車轱辘碾過青草來到河岸邊,此處靜谧無人,她望着熟悉的岸邊,猝然想到上一回在這楊柳岸,正是她發現了李卿回和那楊青柳之時,她就在這裏,撕了原先屬于他們二人的合歡庚帖。
往昔歷歷在目,她黯然失神,旋即放下車簾,索性不去看。只是剛回過神正對上顧惜花瑩潤帶着關懷的眸光,她的表情一滞。
謝晦今日起了個大早,此時也阖眸小寐,眼下竟只有他們二人。
氣氛逐漸尴尬,元栀捏着自己的袖角,一時間竟不知該說些什麽。
“再揪下去,你的衣袖就要皺了。”他的聲音格外溫潤,語調稀松平常。
元栀讪讪放下手,忍不住腹诽。
原先知道顧惜花也去時,元栀有一瞬的猶豫,她面對顧惜花時總是覺得心虛。
除夕夜裏那似真似幻的心動,仿佛只在夢中,如今回想起來亦覺得如夢幻泡影,有些分不清夢境或是現實。
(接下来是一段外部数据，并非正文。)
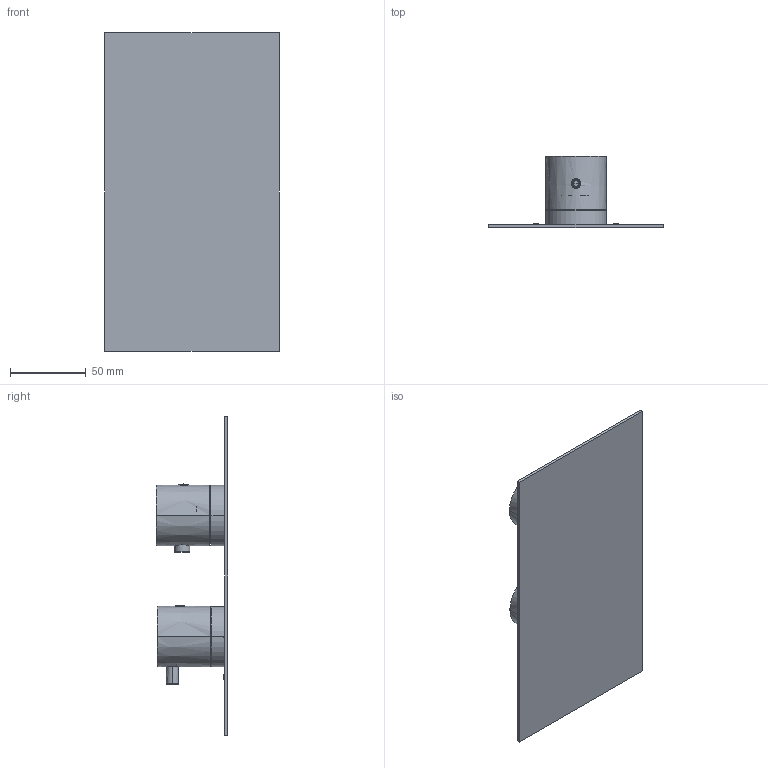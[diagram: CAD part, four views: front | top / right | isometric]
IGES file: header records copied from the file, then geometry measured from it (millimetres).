
Start section:  PTC IGES file: 69712v2.igs
Global section: file name: 69712v2.igs; native system: Creo Parametric by PTC Inc.; preprocessor: 2022014; author: carloff; organization: Unknown; date: 20251120.103738; units: millimetre
Bounding box: 115 x 47 x 210 mm (x, y, z)
Surface area: 67893.2 mm2 (no closed solid volume)
Topology: 0 solids, 0 shells, 139 faces, 674 edges, 668 vertices
Faces by surface type: revolution 87, bspline 52
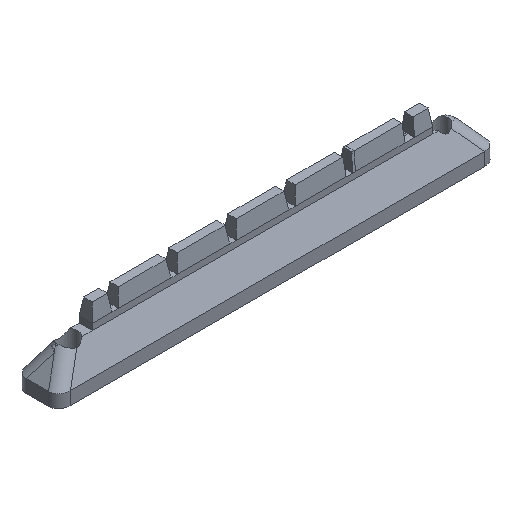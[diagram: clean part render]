
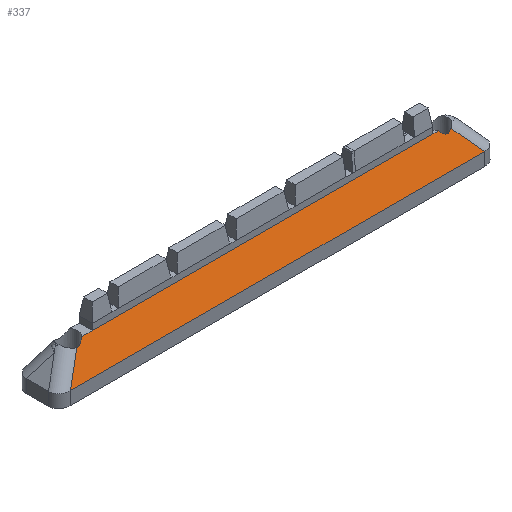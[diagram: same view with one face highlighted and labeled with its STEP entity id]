
A CAD part, isometric view. The second image highlights one B-rep face of the part: STEP entity #337.
In plain terms, the highlighted planar face has unit normal (0, -0.87, 0.493).
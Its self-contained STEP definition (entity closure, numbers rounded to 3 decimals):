
#337=ADVANCED_FACE('',(#1256),#1258,.T.);
#1256=FACE_BOUND('',#1257,.T.);
#1257=EDGE_LOOP('',(#2056,#2057,#2058,#2059,#2060,#2061,#2062,#2063));
#1258=PLANE('',#1259);
#1259=AXIS2_PLACEMENT_3D('',#1260,#1261,#1262);
#1260=CARTESIAN_POINT('',(-10.,0.,8.058));
#1261=DIRECTION('',(0.,-0.87,0.493));
#1262=DIRECTION('',(0.,-0.493,-0.87));
#2056=ORIENTED_EDGE('',*,*,#2518,.F.);
#2057=ORIENTED_EDGE('',*,*,#2519,.T.);
#2058=ORIENTED_EDGE('',*,*,#2520,.T.);
#2059=ORIENTED_EDGE('',*,*,#2521,.F.);
#2060=ORIENTED_EDGE('',*,*,#2450,.T.);
#2061=ORIENTED_EDGE('',*,*,#2522,.F.);
#2062=ORIENTED_EDGE('',*,*,#2523,.T.);
#2063=ORIENTED_EDGE('',*,*,#2524,.T.);
#2450=EDGE_CURVE('',#2740,#2738,#2741,.T.);
#2518=EDGE_CURVE('',#2858,#2859,#2860,.T.);
#2519=EDGE_CURVE('',#2858,#2861,#2862,.F.);
#2520=EDGE_CURVE('',#2861,#2863,#2864,.F.);
#2521=EDGE_CURVE('',#2740,#2863,#2865,.T.);
#2522=EDGE_CURVE('',#2866,#2738,#2867,.T.);
#2523=EDGE_CURVE('',#2866,#2868,#2869,.F.);
#2524=EDGE_CURVE('',#2868,#2859,#2870,.F.);
#2738=VERTEX_POINT('',#3235);
#2740=VERTEX_POINT('',#3239);
#2741=LINE('',#3240,#3241);
#2858=VERTEX_POINT('',#3495);
#2859=VERTEX_POINT('',#3496);
#2860=LINE('',#3497,#3498);
#2861=VERTEX_POINT('',#3500);
#2862=LINE('',#3501,#3502);
#2863=VERTEX_POINT('',#3504);
#2864=(BOUNDED_CURVE()B_SPLINE_CURVE(3,
(#3505,#3506,#3507,#3508),
.UNSPECIFIED.,.F.,.F.)B_SPLINE_CURVE_WITH_KNOTS((4,4),
(0.,1.),
.UNSPECIFIED.)CURVE()GEOMETRIC_REPRESENTATION_ITEM()RATIONAL_B_SPLINE_CURVE((1.,
0.884,0.884,1.))REPRESENTATION_ITEM(''));
#2865=LINE('',#3509,#3510);
#2866=VERTEX_POINT('',#3512);
#2867=LINE('',#3513,#3514);
#2868=VERTEX_POINT('',#3516);
#2869=(BOUNDED_CURVE()B_SPLINE_CURVE(3,
(#3517,#3518,#3519,#3520),
.UNSPECIFIED.,.F.,.F.)B_SPLINE_CURVE_WITH_KNOTS((4,4),
(0.,1.),
.UNSPECIFIED.)CURVE()GEOMETRIC_REPRESENTATION_ITEM()RATIONAL_B_SPLINE_CURVE((1.,
0.947,0.947,1.))REPRESENTATION_ITEM(''));
#2870=LINE('',#3521,#3522);
#3235=CARTESIAN_POINT('',(0.,0.,8.058));
#3239=CARTESIAN_POINT('',(52.,0.,8.058));
#3240=CARTESIAN_POINT('',(52.,0.,8.058));
#3241=VECTOR('',#3242,1.);
#3242=DIRECTION('',(-1.,0.,0.));
#3495=CARTESIAN_POINT('',(57.615,-2.268,4.057));
#3496=CARTESIAN_POINT('',(-5.591,-2.268,4.057));
#3497=CARTESIAN_POINT('',(57.615,-2.268,4.057));
#3498=VECTOR('',#3499,1.);
#3499=DIRECTION('',(-1.,0.,0.));
#3500=CARTESIAN_POINT('',(54.554,-0.226,7.659));
#3501=CARTESIAN_POINT('',(54.554,-0.226,7.659));
#3502=VECTOR('',#3503,1.);
#3503=DIRECTION('',(0.595,-0.396,-0.7));
#3504=CARTESIAN_POINT('',(52.875,0.,8.058));
#3505=CARTESIAN_POINT('',(52.875,0.,8.058));
#3506=CARTESIAN_POINT('',(53.35,-0.428,7.303));
#3507=CARTESIAN_POINT('',(53.983,-0.513,7.153));
#3508=CARTESIAN_POINT('',(54.554,-0.226,7.659));
#3509=CARTESIAN_POINT('',(52.,0.,8.058));
#3510=VECTOR('',#3511,1.);
#3511=DIRECTION('',(1.,0.,0.));
#3512=CARTESIAN_POINT('',(-1.634,0.,8.058));
#3513=CARTESIAN_POINT('',(-1.634,0.,8.058));
#3514=VECTOR('',#3515,1.);
#3515=DIRECTION('',(1.,0.,0.));
#3516=CARTESIAN_POINT('',(-2.74,-0.382,7.383));
#3517=CARTESIAN_POINT('',(-2.74,-0.382,7.383));
#3518=CARTESIAN_POINT('',(-2.329,-0.41,7.334));
#3519=CARTESIAN_POINT('',(-1.94,-0.276,7.572));
#3520=CARTESIAN_POINT('',(-1.634,0.,8.058));
#3521=CARTESIAN_POINT('',(-5.591,-2.268,4.057));
#3522=VECTOR('',#3523,1.);
#3523=DIRECTION('',(0.598,0.395,0.697));
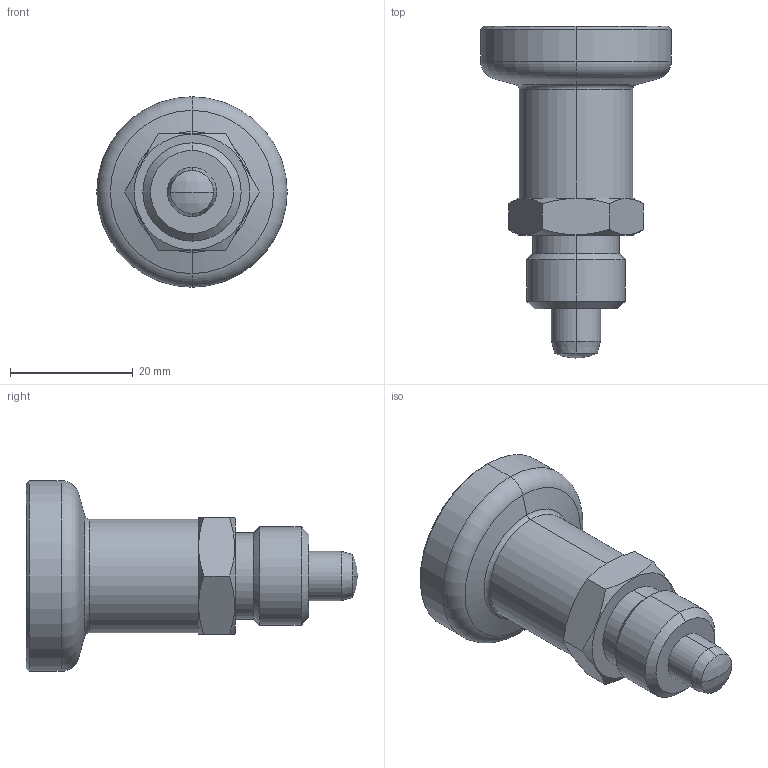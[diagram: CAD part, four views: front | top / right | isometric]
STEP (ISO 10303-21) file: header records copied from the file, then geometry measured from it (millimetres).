
FILE_DESCRIPTION (( 'STEP AP214' ), '1' );
FILE_NAME ('607.1-8-A-NI.step', '2025-04-10T06:30:42', ( '' ), ( '' ), 'SwSTEP 2.0', 'SolidWorks 2022', '' );
FILE_SCHEMA (( 'AUTOMOTIVE_DESIGN' ));
Length unit declared in the file: millimetre
Products named in the file (3): WB607.1_Bedienungsknopf^WB607.1_9.2-8-(NI); 607.1-8-A-NI; WB607.1_Führung_NI^WB607.1_1.1-8
Assembly tree (2 placements, depth 2):
  607.1-8-A-NI
    WB607.1_Führung_NI^WB607.1_1.1-8
    WB607.1_Bedienungsknopf^WB607.1_9.2-8-(NI)
Bounding box: 31 x 54 x 31 mm (x, y, z)
Volume: 14450.1 mm3; surface area: 8536.9 mm2
Topology: 2 solids, 2 shells, 82 faces, 191 edges, 122 vertices
Faces by surface type: plane 31, cylinder 29, cone 14, torus 4, sphere 4
Entity records: 2716 total; most frequent: CARTESIAN_POINT 528, DIRECTION 445, ORIENTED_EDGE 382, EDGE_CURVE 191, AXIS2_PLACEMENT_3D 183, VERTEX_POINT 122, CIRCLE 96, EDGE_LOOP 93

謝晦同她說,若無心意,便索性早早拒了顧惜花,免害他一番相思。
但眼下,連她自己都分不清自己的心意。
她分明記得除夕夜那如星如月的璀璨眸光,記得那青衫落拓,煙花滿霓裳。
可她也記得仙茗居那一場近乎燎原大火,記得那沖進火場只為她的緋色衣衫,滿目月華。
她看了這般久的禦夫計,逐漸曉得如何與人轉圜,如何收斂鋒芒,可這冊書裏卻沒教她如何分辨自己的心意。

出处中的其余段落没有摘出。